Jesus paid the price for our wrong-doings, so that we no longer have to punish each other. Instead of issuing our concept of "justice" we can respond with grace. Jesus intends for christians to live this way with each other -- graciously -- and "each other" includes our children.

Jesus also taught us about true "discipline" by teaching us how to "make disciples." Jesus guided the people in his care (his disciples) gently, teaching them and forgiving them.


----------



## TiredX2 (Jan 7, 2002)

Dr. Sear's Christian Parenting Book (http://www.amazon.com/exec/obidos/tg...glance&s=books) answers that question fairly well.

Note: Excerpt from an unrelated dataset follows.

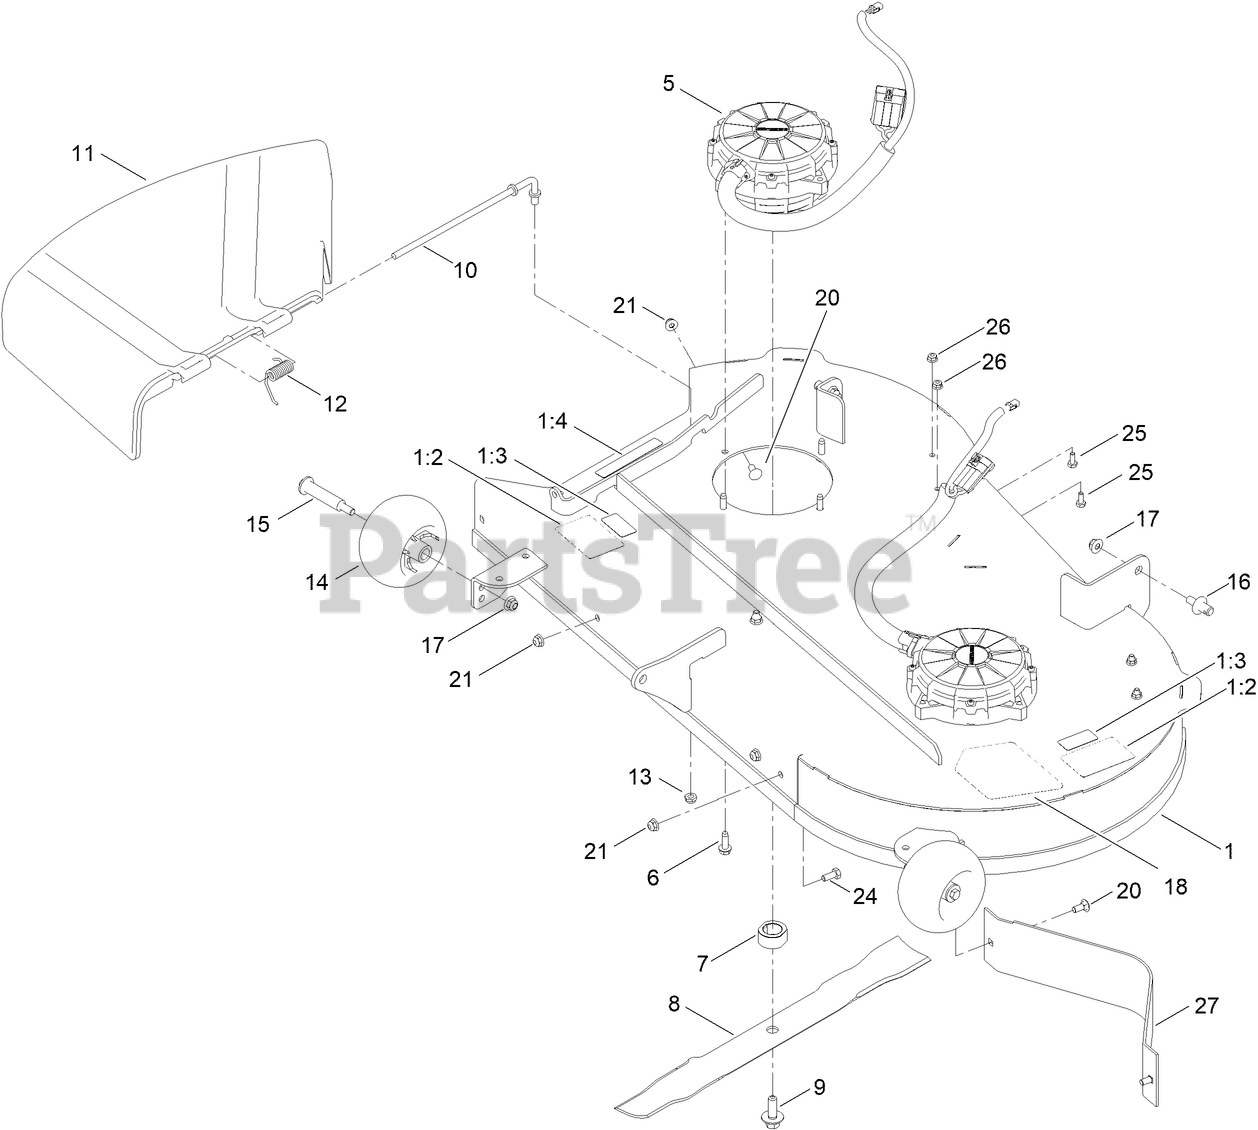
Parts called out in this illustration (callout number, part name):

In addition, I do not know what faith community your friend belongs to, but I know that in the Catholic faith you are *supposed* to do what your conscience tells you, even if it means "disobeying" the Bible. Hiding behind another is not acceptable to excuse personal wrongdoing.


----------



## Changed (Mar 14, 2004)

Quote:


Originally Posted by *pageta*
A rod was used to gently guide the sheep, not strike them. Have you ever seen someone beating a sheep? They're very gentle animals, not the type that you would ever strike.

I had to laugh here... I used to raise sheep and if you were the type to hit an animal....sheep are really dumb animals. I didn't hit them though. The mental image of chasing one down is a little silly. I like what the PP said about Jesus hitting children.

Jesus said "let the little chilren come to me." The following sentance was not "so that I can beat the crap out of them!"


----------



## momto l&a (Jul 31, 2002)

Ephesians 6

1 Children, obey your parents in the Lord: for this is right.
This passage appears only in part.